If it is a real leak, then no, it will not.

I think the memory is just fragmented enough to be
automatically reclaimed by the memory allocator (I've heard that some
mallocs can return memory to the OS in 1 MB chunks.)

See William's answer : unlikely.


Are there any special techniques people use to avoid this situation?
Does SizeLimit count actual memory used or does it just look at the
process size?


In a previous similar exercise, in despair I used the module Devel::Leak as follows :

use Devel::Leak;
my $DEBUGMem = 1;
my ($SVTable,$prevSVCount,$lastSVCount);

if ($DEBUGMem) {
  $prevSVCount = Devel::Leak::NoteSV($SVTable);
  warn "[$$] before something, total SVs : $prevSVCount";
}

do_something(); # .. which could be leaking

if ($DEBUGMem) {
  $lastSVCount = Devel::Leak::CheckSV($SVTable);
  warn "[$$] after something : total SVs : $lastSVCount";
  warn "[$$]   new SVs : ",($lastSVCount - $prevSVCount);
}

It doesn't require any specially-compiled perl.
It does not actually print the memory size used.

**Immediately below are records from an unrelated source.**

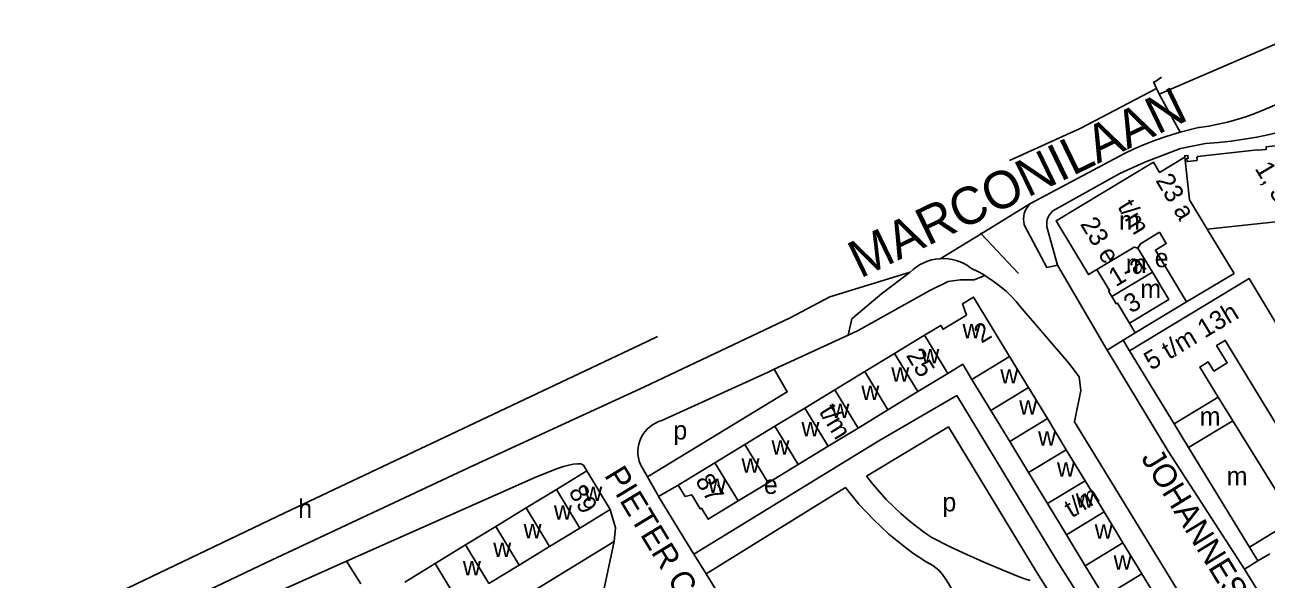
# Model space of a CAD drawing. Extents: x 159902 to 161769, y 383692 to 384875.
# Drawn here: x 160063.3 to 160329.3, y 384623.4 to 384742.2 of the extents above; entities that cross this region are included whole.
import ezdxf

# ---------------------------------------------------------------- set-up
doc = ezdxf.new("R2010")
doc.units = 0
for name, color, linetype in [('BLT_Basislijn', 7, 'Continuous'), ('BLT_Bebouwing', 7, 'Continuous'), ('BLT_Centroide', 7, 'Continuous'), ('BLT_Huisnummer', 7, 'Continuous'), ('BLT_Huisnummer_reeks', 7, 'Continuous'), ('BLT_Onderdoorgang_en_onderverdeling', 7, 'Continuous'), ('BLT_Onderverdeling_panden', 7, 'Continuous'), ('BLT_Straatnaam', 7, 'Continuous'), ('BLT_Straatnaam_hoofdweg', 7, 'Continuous'), ('BLT_Vlakafsluiter', 7, 'Continuous')]:
    doc.layers.add(name, color=color, linetype=linetype)

msp = doc.modelspace()

# ---------------------------------------------------------------- linework, layer by layer
at = {"layer": 'BLT_Basislijn'}
for p, q in [((160305.86, 384728.55), (160305.29, 384729.87)), ((160278.66, 384703.83), (160299, 384714.67)), ((160268.11, 384697.61), (160268.25, 384697.46)), ((160268.25, 384697.46), (160276.26, 384688.94)), ((160282.49, 384698.4), (160284.58, 384690.7)), ((160284.58, 384690.7), (160295.26, 384672.51)), ((160312.29, 384682.83), (160301.28, 384676.22)), ((160276.61, 384681.83), (160287.02, 384669.69)), ((160300.02, 384678.3), (160301.28, 384676.22)), ((160223.89, 384668.39), (160239.76, 384675.7)), ((160298.66, 384674.61), (160295.26, 384672.51)), ((160301.28, 384676.22), (160298.66, 384674.61)), ((160300.07, 384672.31), (160298.66, 384674.61)), ((160308.36, 384650.83), (160295.26, 384672.51)), ((160199.83, 384657.39), (160222.58, 384667.79)), ((160222.58, 384667.79), (160223.89, 384668.39)), ((160243.64, 384645.47), (160261.23, 384656.07)), ((160308.36, 384650.83), (160324.68, 384625.57)), ((160132.18, 384627.22), (160172.94, 384645.36)), ((160172.94, 384645.36), (160177.41, 384647.13)), ((160196.73, 384645.3), (160195.3, 384647.85)), ((160199.12, 384641.1), (160203.29, 384643.55)), ((160239.2, 384643.05), (160209.3, 384624.57)), ((160199.12, 384641.1), (160206.69, 384628.75)), ((160107.62, 384581.31), (160189.56, 384631.47)), ((160325.76, 384630.24), (160327.55, 384627.3)), ((160091.91, 384609.29), (160132.18, 384627.22)), ((160135.26, 384622.36), (160132.18, 384627.22)), ((160206.69, 384628.75), (160209.3, 384624.57)), ((160327.55, 384627.3), (160324.68, 384625.57)), ((160330.12, 384628.85), (160327.55, 384627.3)), ((160230.83, 384589.77), (160209.3, 384624.57)), ((160276.42, 384623.92), (160277.63, 384623.46)), ((160278.74, 384623.13), (160277.63, 384623.46))]:
    msp.add_line(p, q, dxfattribs=at)
for points in [[(160340.9, 384742.23), (160306.38, 384727.35)], [(160305.29, 384729.87), (160306.89, 384731.02)], [(160305.86, 384728.55), (160289.44, 384720.03), (160274.33, 384713.17)], [(160306.38, 384727.35), (160305.86, 384728.55)], [(160314.98, 384720.23), (160317.02, 384720.54), (160319.04, 384720.92), (160321.05, 384721.38), (160323.04, 384721.91), (160325, 384722.53), (160326.94, 384723.22), (160328.85, 384723.98), (160330.73, 384724.82), (160331.31, 384725.1)], [(160316.37, 384716.76), (160319.12, 384716.99), (160321.86, 384717.31), (160324.6, 384717.71), (160327.31, 384718.18), (160330.02, 384718.73), (160332.7, 384719.36), (160335.37, 384720.07), (160338.02, 384720.86), (160340.64, 384721.72), (160343.23, 384722.66), (160345.03, 384723.36)], [(160310.93, 384719.24), (160314.8, 384720.19), (160314.98, 384720.23)], [(160299, 384714.67), (160301.17, 384715.69), (160303.38, 384716.63), (160305.61, 384717.49), (160307.88, 384718.28), (160310.93, 384719.24)], [(160284.24, 384702.69), (160297.96, 384710.33), (160303.34, 384712.76), (160310.99, 384715.72), (160316.37, 384716.76)], [(160278.66, 384703.83), (160278.3, 384703.33), (160277.96, 384702.85), (160277.69, 384702.32), (160277.49, 384701.77), (160277.37, 384701.19), (160277.33, 384700.6), (160277.36, 384700.02), (160277.48, 384699.44), (160277.61, 384699.04)], [(160282.49, 384698.4), (160282.36, 384698.92), (160282.3, 384699.44), (160282.33, 384699.97), (160282.43, 384700.49), (160282.61, 384700.99), (160282.86, 384701.46), (160283.18, 384701.88), (160283.56, 384702.25), (160283.99, 384702.55), (160284.24, 384702.69)], [(160277.61, 384699.04), (160282.33, 384690.18), (160284.58, 384690.7)], [(160253.04, 384689.21), (160253.69, 384689.81), (160254.4, 384690.35), (160255.15, 384690.83), (160255.95, 384691.23), (160256.77, 384691.56), (160257.62, 384691.82), (160258.5, 384692), (160259.47, 384692.1)], [(160259.47, 384692.1), (160260.27, 384692.12), (160261.16, 384692.06), (160262.04, 384691.92), (160262.9, 384691.7), (160263.74, 384691.41), (160264.55, 384691.04), (160265.33, 384690.6), (160266.06, 384690.09), (160266.21, 384689.98)], [(160253.04, 384689.21), (160246.96, 384684.6), (160240.54, 384679.22), (160239.76, 384675.7)], [(160257.27, 384685.29), (160261.18, 384687.2), (160263.78, 384687.55), (160266.73, 384687.55), (160269, 384688.51)], [(160266.21, 384689.98), (160267.55, 384689.32), (160268.86, 384688.6), (160269, 384688.51)], [(160269, 384688.51), (160270.12, 384687.8), (160271.35, 384686.95), (160272.52, 384686.02), (160273.65, 384685.04), (160274.72, 384683.99), (160275.73, 384682.89), (160276.61, 384681.83)], [(160239.76, 384675.7), (160241.91, 384676.69), (160257.27, 384685.29)], [(160159.61, 384647.8), (160196.11, 384664.66), (160227.31, 384679.4), (160235.8, 384683.91)], [(160196.63, 384674.33), (160198.9, 384675.44)], [(160046.76, 384603.09), (160071.81, 384615.04), (160118.96, 384637.58), (160196.63, 384674.33)], [(160289.64, 384663.82), (160289.27, 384666.74), (160287.02, 384669.69)], [(160223.89, 384668.39), (160226.7, 384663.52), (160196.73, 384645.3)], [(160206.69, 384628.75), (160246.34, 384653.03), (160263.01, 384662.77)], [(160289.64, 384663.82), (160288.27, 384657.09), (160314.43, 384614.39), (160315.55, 384613.23), (160316.23, 384613.15), (160319.69, 384615.3), (160320.39, 384615.22), (160323.06, 384611.25), (160322.97, 384609.82), (160322.01, 384605.11), (160319.46, 384603.11), (160243.77, 384557.03), (160242.91, 384556.57), (160241.08, 384556.42), (160238.16, 384560.86)], [(160263.01, 384662.77), (160284.43, 384627.48), (160295.18, 384610.46)], [(160199.83, 384657.39), (160199.12, 384657.17), (160198.44, 384656.86), (160197.8, 384656.49), (160197.2, 384656.06), (160196.65, 384655.56), (160196.16, 384655), (160195.73, 384654.4), (160195.37, 384653.75), (160195.08, 384653.06), (160194.86, 384652.35), (160194.73, 384651.62), (160194.67, 384650.88), (160194.69, 384650.14), (160194.79, 384649.41), (160194.97, 384648.69), (160195.23, 384647.99), (160195.3, 384647.85)], [(160261.23, 384656.07), (160280.18, 384624.85), (160288.2, 384612.14)], [(160183.72, 384646.61), (160183, 384647.82), (160182.47, 384648.09), (160181.69, 384648.15), (160180.81, 384648.01), (160179.86, 384647.84), (160178.73, 384647.57), (160177.41, 384647.13)], [(160051.44, 384596.66), (160115.06, 384627), (160159.61, 384647.8)], [(160199.12, 384641.1), (160198.77, 384641.68), (160196.73, 384645.3)], [(160243.64, 384645.47), (160245.01, 384643.76), (160246.43, 384642.1), (160247.91, 384640.49), (160249.45, 384638.95), (160251.05, 384637.45), (160252.7, 384636.02), (160254.4, 384634.65), (160256.15, 384633.34), (160257.64, 384632.3)], [(160239.2, 384643.05), (160240.6, 384641.25), (160242.06, 384639.5), (160243.57, 384637.81), (160245.15, 384636.17), (160246.78, 384634.58), (160248.47, 384633.06), (160250.21, 384631.59), (160252, 384630.19), (160253.84, 384628.85), (160254.84, 384628.16)], [(160188.75, 384638.31), (160189.87, 384634.39), (160189.56, 384631.47)], [(160257.64, 384632.3), (160261.46, 384630.43), (160265.31, 384628.63), (160269.2, 384626.9), (160273.12, 384625.25), (160276.42, 384623.92)], [(160128.46, 384578.9), (160186.26, 384615.77), (160189.56, 384631.47)], [(160257.26, 384626.66), (160256.08, 384627.34), (160254.95, 384628.08), (160254.84, 384628.16)], [(160259.18, 384625.32), (160258.54, 384625.85), (160257.86, 384626.32), (160257.26, 384626.66)], [(160259.18, 384625.32), (160259.93, 384624.42), (160260.62, 384623.47), (160261.24, 384622.48), (160261.79, 384621.45), (160262.27, 384620.39), (160262.68, 384619.29), (160263.01, 384618.17), (160263.26, 384617.03), (160263.43, 384615.87), (160263.53, 384614.7), (160263.54, 384613.54), (160263.48, 384612.37), (160263.33, 384611.21), (160263.28, 384610.89)], [(160324.68, 384625.57), (160348.56, 384586.9), (160376.7, 384540.59), (160381.79, 384542.97)]]:
    msp.add_lwpolyline(points, dxfattribs=at)
at = {"layer": 'BLT_Bebouwing'}
for p, q in [((160316.7, 384698.46), (160322.46, 384688.94)), ((160304.95, 384689.2), (160301.86, 384694.35)), ((160256.12, 384675.7), (160249.7, 384671.79)), ((160309.59, 384656.71), (160300.07, 384672.31)), ((160249.7, 384671.79), (160243.28, 384667.89)), ((160278.4, 384664.46), (160274.35, 384671.12)), ((160243.28, 384667.89), (160236.86, 384663.98)), ((160254.68, 384663.6), (160261.1, 384667.5)), ((160236.86, 384663.98), (160230.44, 384660.07)), ((160266.27, 384666.2), (160270.32, 384659.55)), ((160282.45, 384657.81), (160278.4, 384664.46)), ((160248.27, 384659.69), (160254.68, 384663.6)), ((160319.07, 384662.43), (160322.2, 384657.31)), ((160230.44, 384660.07), (160224.02, 384656.17)), ((160241.85, 384655.78), (160248.27, 384659.69)), ((160270.32, 384659.55), (160274.37, 384652.89)), ((160224.02, 384656.17), (160217.6, 384652.26)), ((160286.5, 384651.15), (160282.45, 384657.81)), ((160309.59, 384656.71), (160312.72, 384651.59)), ((160235.43, 384651.88), (160241.85, 384655.78)), ((160217.6, 384652.26), (160211.18, 384648.35)), ((160229, 384647.97), (160235.43, 384651.88)), ((160274.37, 384652.89), (160278.42, 384646.23)), ((160290.55, 384644.49), (160286.5, 384651.15)), ((160325.76, 384630.24), (160312.72, 384651.59)), ((160211.18, 384648.35), (160203.29, 384643.55)), ((160222.58, 384644.06), (160229, 384647.97)), ((160177.22, 384642.64), (160183.72, 384646.61)), ((160183.72, 384646.61), (160188.75, 384638.31)), ((160278.42, 384646.23), (160282.47, 384639.58)), ((160177.22, 384642.64), (160170.72, 384638.66)), ((160216.16, 384640.16), (160222.58, 384644.06)), ((160294.6, 384637.84), (160290.55, 384644.49)), ((160170.72, 384638.66), (160164.22, 384634.69)), ((160188.75, 384638.31), (160182.25, 384634.34)), ((160282.47, 384639.58), (160286.52, 384632.92)), ((160298.65, 384631.18), (160294.6, 384637.84)), ((160164.22, 384634.69), (160157.73, 384630.72)), ((160182.25, 384634.34), (160175.75, 384630.37)), ((160286.52, 384632.92), (160290.57, 384626.27)), ((160157.73, 384630.72), (160151.23, 384626.75)), ((160175.75, 384630.37), (160169.25, 384626.4)), ((160302.7, 384624.53), (160298.65, 384631.18)), ((160151.23, 384626.75), (160144.73, 384622.78)), ((160169.25, 384626.4), (160162.75, 384622.43)), ((160290.57, 384626.27), (160294.62, 384619.61)), ((160306.76, 384617.87), (160302.7, 384624.53))]:
    msp.add_line(p, q, dxfattribs=at)
for points in [[(160311.92, 384713.85), (160311.88, 384714.15), (160312.57, 384714.24), (160312.65, 384713.63), (160312.31, 384713.59), (160312.39, 384712.93), (160314.53, 384713.17), (160314.46, 384713.84), (160314.66, 384713.86), (160314.65, 384713.99), (160327.45, 384715.43), (160327.46, 384715.33), (160329.37, 384715.53), (160329.31, 384716.07), (160345.4, 384717.89), (160345.91, 384713.55), (160352.91, 384714.34), (160352.1, 384721.17), (160364.98, 384722.61), (160365.28, 384720.31), (160373.03, 384725.04)], [(160311.92, 384713.85), (160306.49, 384710.58), (160305.18, 384712.76), (160284.32, 384700.24), (160291.25, 384688.68), (160293.05, 384689.76)], [(160373.35, 384684.92), (160372.17, 384686.88), (160371.09, 384686.24), (160363.06, 384699.6), (160354.5, 384698.69), (160354.1, 384702.41), (160316.7, 384698.46)], [(160301.86, 384694.35), (160302.38, 384695.3), (160306.47, 384697.76)], [(160306.47, 384697.76), (160307.93, 384695.34), (160305.61, 384693.95), (160312.29, 384682.83)], [(160293.05, 384689.76), (160295.76, 384685.25), (160295.55, 384685.13), (160296.25, 384683.97)], [(160300.02, 384678.3), (160308.45, 384683.38), (160304.95, 384689.2)], [(160300.07, 384672.31), (160325.68, 384687.88), (160340.8, 384662.72), (160366.48, 384678.15), (160376.62, 384661.32), (160341.66, 384639.95), (160320.57, 384674.59), (160318.71, 384673.45), (160320.98, 384669.78), (160318.13, 384668.01), (160316.9, 384670), (160315.09, 384668.87), (160319.07, 384662.43)], [(160312.29, 384682.83), (160322.46, 384688.94)], [(160274.35, 384671.12), (160266.61, 384683.85), (160264.23, 384682.4), (160265.09, 384680.02), (160260.08, 384676.97), (160259.58, 384677.8), (160256.12, 384675.7)], [(160296.25, 384683.97), (160297.18, 384682.43), (160297.44, 384682.58), (160300.02, 384678.3)], [(160261.1, 384667.5), (160264.3, 384669.45), (160266.27, 384666.2)], [(160322.2, 384657.31), (160335.35, 384636.12), (160325.76, 384630.24)], [(160203.29, 384643.55), (160204.77, 384641.12), (160206.21, 384641.49), (160208.05, 384638.46), (160208.3, 384638.62), (160209.74, 384636.25), (160216.16, 384640.16)]]:
    msp.add_lwpolyline(points, dxfattribs=at)
at = {"layer": 'BLT_Onderdoorgang_en_onderverdeling'}
for p, q in [((160309.59, 384656.71), (160319.07, 384662.43)), ((160312.72, 384651.59), (160322.2, 384657.31))]:
    msp.add_line(p, q, dxfattribs=at)
at = {"layer": 'BLT_Onderverdeling_panden'}
for p, q in [((160311.92, 384713.85), (160312.91, 384704.72)), ((160312.91, 384704.72), (160316.7, 384698.46)), ((160296.25, 384683.97), (160304.95, 384689.2)), ((160261.1, 384667.5), (160256.12, 384675.7)), ((160254.68, 384663.6), (160249.7, 384671.79)), ((160266.27, 384666.2), (160274.35, 384671.12)), ((160248.27, 384659.69), (160243.28, 384667.89)), ((160241.85, 384655.78), (160236.86, 384663.98)), ((160270.32, 384659.55), (160278.4, 384664.46)), ((160235.43, 384651.88), (160230.44, 384660.07)), ((160229, 384647.97), (160224.02, 384656.17)), ((160274.37, 384652.89), (160282.45, 384657.81)), ((160222.58, 384644.06), (160217.6, 384652.26)), ((160278.42, 384646.23), (160286.5, 384651.15)), ((160216.16, 384640.16), (160211.18, 384648.35)), ((160177.22, 384642.64), (160182.25, 384634.34)), ((160282.47, 384639.58), (160290.55, 384644.49)), ((160170.72, 384638.66), (160175.75, 384630.37)), ((160286.52, 384632.92), (160294.6, 384637.84)), ((160169.25, 384626.4), (160164.22, 384634.69)), ((160162.75, 384622.43), (160157.73, 384630.72)), ((160290.57, 384626.27), (160298.65, 384631.18)), ((160156.25, 384618.46), (160151.23, 384626.75)), ((160294.62, 384619.61), (160302.7, 384624.53))]:
    msp.add_line(p, q, dxfattribs=at)
msp.add_lwpolyline([(160293.05, 384689.76), (160301.08, 384694.58), (160301.86, 384694.35)], dxfattribs=at)
at = {"layer": 'BLT_Vlakafsluiter'}
for p, q in [((160305.29, 384729.87), (160305.16, 384730.07)), ((160306.38, 384727.35), (160310.93, 384719.24)), ((160268.25, 384697.46), (160278.66, 384703.83)), ((160259.47, 384692.1), (160268.25, 384697.46)), ((160235.8, 384683.91), (160253.04, 384689.21))]:
    msp.add_line(p, q, dxfattribs=at)

# ---------------------------------------------------------------- texts
at = {"layer": 'BLT_Centroide'}
for s, p in [('m', (160297.81, 384698.34)), ('e', (160305.45, 384690.27)), ('m', (160299.25, 384689.06)), ('m', (160302.36, 384683.66)), ('w', (160264.25, 384675.03)), ('w', (160255.41, 384669.64)), ('w', (160248.98, 384665.73)), ('w', (160272.34, 384665.34)), ('w', (160242.56, 384661.83)), ('w', (160276.39, 384658.69)), ('w', (160236.14, 384657.92)), ('m', (160315.09, 384656.3)), ('p', (160202.27, 384653.33)), ('w', (160229.72, 384654.02)), ('w', (160280.44, 384652.03)), ('w', (160223.3, 384650.11)), ('w', (160216.88, 384646.2)), ('w', (160284.49, 384645.38)), ('m', (160320.88, 384643.5)), ('w', (160183.17, 384640.14)), ('w', (160209.72, 384641.88)), ('e', (160221.68, 384641.67)), ('h', (160121.86, 384636.54)), ('p', (160259.94, 384637.92)), ('w', (160288.54, 384638.72)), ('w', (160176.67, 384636.16)), ('w', (160170.16, 384632.17)), ('w', (160292.59, 384632.06)), ('w', (160163.66, 384628.17)), ('w', (160157.16, 384624.2)), ('w', (160296.64, 384625.41))]:
    msp.add_text(s, height=4, dxfattribs=at).set_placement(p)
at = {"layer": 'BLT_Huisnummer'}
msp.add_text('3', height=4, rotation=31.0117, dxfattribs=at).set_placement((160300.35, 384680.27))
at = {"layer": 'BLT_Huisnummer_reeks'}
for s, rotation, p in [('1, 3 01 t/m 23', 301.0133, (160326.81, 384711.44)), ('23 a', 301.0133, (160305.52, 384708.88)), ('t/m', 301.0133, (160297.36, 384703.27)), ('23 e', 301.0133, (160289.37, 384699.54)), ('1-a', 31.0054, (160297.1, 384685.96)), ('5 t/m 13h', 31.0133, (160304.69, 384668.06)), ('2', 31.3222, (160268.3, 384673.83)), ('25', 301.3203, (160252.05, 384671.38)), ('t/m', 301.3223, (160233.36, 384659.33)), ('87', 301.3161, (160206.86, 384644.49)), ('89', 301.4923, (160179.71, 384642.11)), ('t/m', 31.3213, (160287.64, 384636.42))]:
    msp.add_text(s, height=4, rotation=rotation, dxfattribs=at).set_placement(p)
at = {"layer": 'BLT_Straatnaam'}
for s, rotation, p in [('JOHANNES VAN DER WAALSWEG', 301.4898, (160302.4, 384649.36)), ('PIETER CALANDSTRAAT', 301.2851, (160187.34, 384645.67))]:
    msp.add_text(s, height=5, rotation=rotation, dxfattribs=at).set_placement(p)
at = {"layer": 'BLT_Straatnaam_hoofdweg'}
msp.add_text('MARCONILAAN', height=8, rotation=25.8221, dxfattribs=at).set_placement((160242.35, 384687.79))

doc.saveas('drawing.dxf')

It just provides a count of new "things" that have been allocated and not freed by do_something(). It is very rough, but it was very helpful to me to find out what exact piece of code was leaking "things", which is basically an alias for memory. The point is, if it keeps on growing around the same piece of code each time you process a request, then you at least know where bad things happen.

If it happens in your code, then when you know where, it should be possible to fix it. If it happens in someone else's module that you are using, there are usually several alternative modules for just about anything on CPAN. If there aren't and you cannot do without, /then/ maybe you should considering limiting the number of requests that each child handles before it gets killed. But that should not be the first choice, because it is the least efficient.